Computer-based task type

The authors identified 13 studies, that investigated test batteries of CB versions of conventional tasks, including tasks similar to line bisection (Chiba et al., 2010; Jee et al., 2015), cancellation (Rabuffetti et al., 2002, 2012), baking tray (Chung et al., 2016) or combinations of different types of tasks (Liang et al., 2007; Ulm et al., 2013; Pallavicini et al., 2015; Vaes et al., 2015; Mizuno et al., 2016; Ten Brink et al., 2016; Quinn et al., 2018; Morando et al., 2019). Our synthesis included 11 studies exploring visual search tasks such as static (Mizuno et al., 2016; Machner et al., 2018; Ten Brink et al., 2020), feature and conjunction (List et al., 2008; Erez et al., 2009), dynamic and dual tasks (Marshall et al., 1997; Deouell et al., 2005; Bonato et al., 2013; Van Kessel et al., 2013; Andres et al., 2019; Villarreal et al., 2020). We detected five studies that observed different types of tasks such as the widely investigated Posner cueing paradigm (Rengachary et al., 2009), a neglect/extinction task (Vossel et al., 2010), a temporal order judgment (TOJ) task (Stigchel and Nijboer, 2017), a driving simulator task (Spreij et al., 2020) and a manual spatial exploration task (Pierce et al., 2021).

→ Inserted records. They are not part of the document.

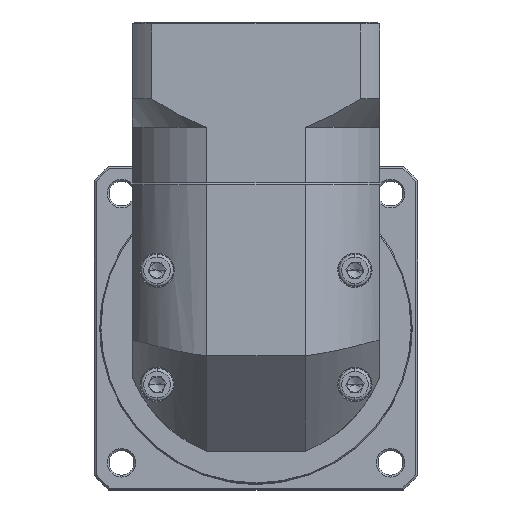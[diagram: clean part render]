
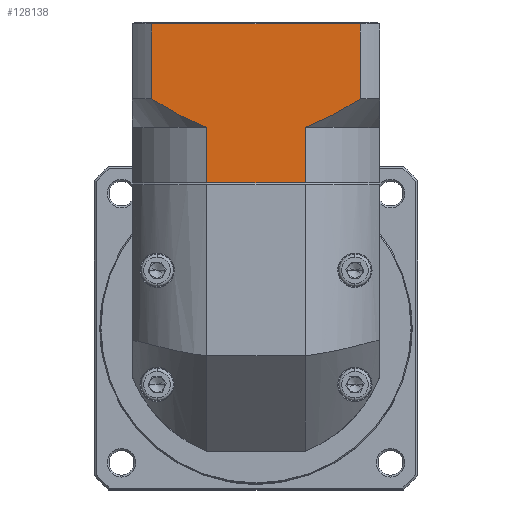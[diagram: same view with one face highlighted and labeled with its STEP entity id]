
A CAD part, top view. The second image highlights one B-rep face of the part: STEP entity #128138.
In plain terms, the highlighted planar face has unit normal (0, 0, 1).
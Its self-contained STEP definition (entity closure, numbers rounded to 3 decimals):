
#1593 = LINE ( 'NONE', #121003, #4900 ) ;
#4900 = VECTOR ( 'NONE', #13640, 1000. ) ;
#5675 = CARTESIAN_POINT ( 'NONE',  ( -64.937, 80.015, 46.022 ) ) ;
#5731 = VECTOR ( 'NONE', #86040, 1000. ) ;
#5761 = FACE_OUTER_BOUND ( 'NONE', #50147, .T. ) ;
#7610 = ORIENTED_EDGE ( 'NONE', *, *, #13991, .T. ) ;
#8097 = ORIENTED_EDGE ( 'NONE', *, *, #23348, .F. ) ;
#10750 = CARTESIAN_POINT ( 'NONE',  ( -110.428, 121.715, 46.022 ) ) ;
#13070 = CARTESIAN_POINT ( 'NONE',  ( -58.705, 97.26, 46.022 ) ) ;
#13640 = DIRECTION ( 'NONE',  ( 0., 1., 0. ) ) ;
#13991 = EDGE_CURVE ( 'NONE', #119928, #62333, #64816, .T. ) ;
#19497 = ORIENTED_EDGE ( 'NONE', *, *, #92718, .F. ) ;
#21689 = CARTESIAN_POINT ( 'NONE',  ( -93.456, 95.457, 46.022 ) ) ;
#22136 = CARTESIAN_POINT ( 'NONE',  ( -103.024, 100.566, 46.022 ) ) ;
#22395 = CARTESIAN_POINT ( 'NONE',  ( -61.771, 95.805, 46.022 ) ) ;
#23243 = DIRECTION ( 'NONE',  ( 0., 1., 0. ) ) ;
#23348 = EDGE_CURVE ( 'NONE', #85011, #116591, #45114, .T. ) ;
#26412 = CARTESIAN_POINT ( 'NONE',  ( -90.918, 80.015, 46.022 ) ) ;
#26721 = VECTOR ( 'NONE', #34938, 1000. ) ;
#27129 = EDGE_CURVE ( 'NONE', #120797, #29606, #124545, .T. ) ;
#29606 = VERTEX_POINT ( 'NONE', #5675 ) ;
#33289 = VECTOR ( 'NONE', #60866, 1000. ) ;
#34532 = CARTESIAN_POINT ( 'NONE',  ( -64.295, 94.753, 46.022 ) ) ;
#34938 = DIRECTION ( 'NONE',  ( 0., -1., 0. ) ) ;
#35990 = VERTEX_POINT ( 'NONE', #66250 ) ;
#41752 = DIRECTION ( 'NONE',  ( 1., 0., 0. ) ) ;
#43481 = ORIENTED_EDGE ( 'NONE', *, *, #27129, .F. ) ;
#45114 = LINE ( 'NONE', #56800, #26721 ) ;
#48216 = VECTOR ( 'NONE', #123225, 1000. ) ;
#48642 = EDGE_CURVE ( 'NONE', #121935, #29606, #113206, .T. ) ;
#50147 = EDGE_LOOP ( 'NONE', ( #8097, #54905, #128583, #7610, #19497, #120918, #43481, #136614 ) ) ;
#54905 = ORIENTED_EDGE ( 'NONE', *, *, #101948, .T. ) ;
#56800 = CARTESIAN_POINT ( 'NONE',  ( -50.541, 94.515, 46.022 ) ) ;
#57085 = CARTESIAN_POINT ( 'NONE',  ( -50.541, 102.015, 46.022 ) ) ;
#57103 = CARTESIAN_POINT ( 'NONE',  ( -64.937, 94.515, 46.022 ) ) ;
#59273 = CARTESIAN_POINT ( 'NONE',  ( -105.314, 102.015, 46.022 ) ) ;
#60866 = DIRECTION ( 'NONE',  ( 0., 1., 0. ) ) ;
#62333 = VERTEX_POINT ( 'NONE', #100096 ) ;
#64816 = B_SPLINE_CURVE_WITH_KNOTS ( 'NONE', 3,
 ( #116049, #128602, #22136, #84542, #127236, #75637, #21689, #74276 ),
 .UNSPECIFIED., .F., .F.,
 ( 4, 2, 2, 4 ),
 ( 0.058, 0.062, 0.066, 0.074 ),
 .UNSPECIFIED. ) ;
#66250 = CARTESIAN_POINT ( 'NONE',  ( -105.314, 121.715, 46.022 ) ) ;
#69741 = CARTESIAN_POINT ( 'NONE',  ( -105.314, 94.515, 46.022 ) ) ;
#73428 = EDGE_CURVE ( 'NONE', #120797, #116591, #121671, .T. ) ;
#73906 = LINE ( 'NONE', #10750, #5731 ) ;
#74276 = CARTESIAN_POINT ( 'NONE',  ( -90.918, 94.515, 46.022 ) ) ;
#75424 = CARTESIAN_POINT ( 'NONE',  ( -64.937, 94.515, 46.022 ) ) ;
#75637 = CARTESIAN_POINT ( 'NONE',  ( -95.908, 96.601, 46.022 ) ) ;
#75906 = CARTESIAN_POINT ( 'NONE',  ( -52.81, 100.553, 46.022 ) ) ;
#77269 = CARTESIAN_POINT ( 'NONE',  ( -55.124, 99.165, 46.022 ) ) ;
#83738 = EDGE_CURVE ( 'NONE', #119928, #35990, #113017, .T. ) ;
#84542 = CARTESIAN_POINT ( 'NONE',  ( -100.689, 99.181, 46.022 ) ) ;
#85011 = VERTEX_POINT ( 'NONE', #134311 ) ;
#86040 = DIRECTION ( 'NONE',  ( -1., 0., 0. ) ) ;
#87437 = CARTESIAN_POINT ( 'NONE',  ( -110.428, 122.215, 46.022 ) ) ;
#92718 = EDGE_CURVE ( 'NONE', #121935, #62333, #1593, .T. ) ;
#96816 = CARTESIAN_POINT ( 'NONE',  ( -59.917, 96.655, 46.022 ) ) ;
#98568 = DIRECTION ( 'NONE',  ( 0., 0., -1. ) ) ;
#100096 = CARTESIAN_POINT ( 'NONE',  ( -90.918, 94.515, 46.022 ) ) ;
#101848 = CARTESIAN_POINT ( 'NONE',  ( -64.937, 94.515, 46.022 ) ) ;
#101948 = EDGE_CURVE ( 'NONE', #85011, #35990, #73906, .T. ) ;
#105354 = CARTESIAN_POINT ( 'NONE',  ( -110.428, 80.015, 46.022 ) ) ;
#105536 = AXIS2_PLACEMENT_3D ( 'NONE', #87437, #98568, #23243 ) ;
#107445 = CARTESIAN_POINT ( 'NONE',  ( -63.656, 95.005, 46.022 ) ) ;
#113017 = LINE ( 'NONE', #69741, #33289 ) ;
#113206 = LINE ( 'NONE', #105354, #119856 ) ;
#116049 = CARTESIAN_POINT ( 'NONE',  ( -105.314, 102.015, 46.022 ) ) ;
#116591 = VERTEX_POINT ( 'NONE', #57085 ) ;
#118156 = CARTESIAN_POINT ( 'NONE',  ( -50.541, 102.015, 46.022 ) ) ;
#119856 = VECTOR ( 'NONE', #41752, 1000. ) ;
#119928 = VERTEX_POINT ( 'NONE', #59273 ) ;
#120797 = VERTEX_POINT ( 'NONE', #57103 ) ;
#120918 = ORIENTED_EDGE ( 'NONE', *, *, #48642, .T. ) ;
#121003 = CARTESIAN_POINT ( 'NONE',  ( -90.918, 94.515, 46.022 ) ) ;
#121671 = B_SPLINE_CURVE_WITH_KNOTS ( 'NONE', 3,
 ( #75424, #34532, #107445, #129309, #22395, #96816, #13070, #77269, #75906, #118156 ),
 .UNSPECIFIED., .F., .F.,
 ( 4, 2, 2, 2, 4 ),
 ( 0.101, 0.103, 0.105, 0.109, 0.117 ),
 .UNSPECIFIED. ) ;
#121935 = VERTEX_POINT ( 'NONE', #26412 ) ;
#123225 = DIRECTION ( 'NONE',  ( 0., -1., 0. ) ) ;
#124545 = LINE ( 'NONE', #101848, #48216 ) ;
#127236 = CARTESIAN_POINT ( 'NONE',  ( -99.504, 98.511, 46.022 ) ) ;
#128138 = ADVANCED_FACE ( 'NONE', ( #5761 ), #129260, .F. ) ;
#128583 = ORIENTED_EDGE ( 'NONE', *, *, #83738, .F. ) ;
#128602 = CARTESIAN_POINT ( 'NONE',  ( -104.175, 101.281, 46.022 ) ) ;
#129260 = PLANE ( 'NONE',  #105536 ) ;
#129309 = CARTESIAN_POINT ( 'NONE',  ( -62.395, 95.531, 46.022 ) ) ;
#134311 = CARTESIAN_POINT ( 'NONE',  ( -50.541, 121.715, 46.022 ) ) ;
#136614 = ORIENTED_EDGE ( 'NONE', *, *, #73428, .T. ) ;

By carefully examining the data, it was found that CB functional (Pallavicini et al., 2015) and visual search tasks were shown to be more sensitive than CB versions of PnP tasks (Ten Brink et al., 2020). Moreover, combining different types of tasks can capture a wider aspect of neglect symptoms (Erez et al., 2009; Mizuno et al., 2016; Spreij et al., 2020). An interesting finding was that different types of tasks were associated with different types of errors, for example, cancellation tasks were more sensitive to viewer-centered (egocentric) errors, with visual search and line bisection tasks more sensitive to stimulus-centered (allocentric) errors; Similarly RT and TOJ tasks also detected spatial bias deficits (Van Kessel et al., 2013; Mizuno et al., 2016; Stigchel and Nijboer, 2017).

Some studies compared diagnostic accuracy between CB tests, and as expected the more complex CB tasks (e.g., higher demands, dual tasks, increased number of targets, conjunction tasks) were more sensitive and could detect more cases (chronic/subclinical) than more simple versions (e.g., feature tasks) (Marshall et al., 1997; List et al., 2008; Erez et al., 2009; Bonato et al., 2013; Van Kessel et al., 2013; Andres et al., 2019; Ten Brink et al., 2020; Villarreal et al., 2020).

Outcome measures

Most cancellation tasks obtained measures including the number of touched (canceled) targets, revisits, intersections, omissions, center of cancellation (CoC) (Rabuffetti et al., 2002, 2012; Ulm et al., 2013; Pallavicini et al., 2015; Ten Brink et al., 2016). Line bisection tasks usually captured the mean deviation (Chiba et al., 2010; Ulm et al., 2013; Jee et al., 2015).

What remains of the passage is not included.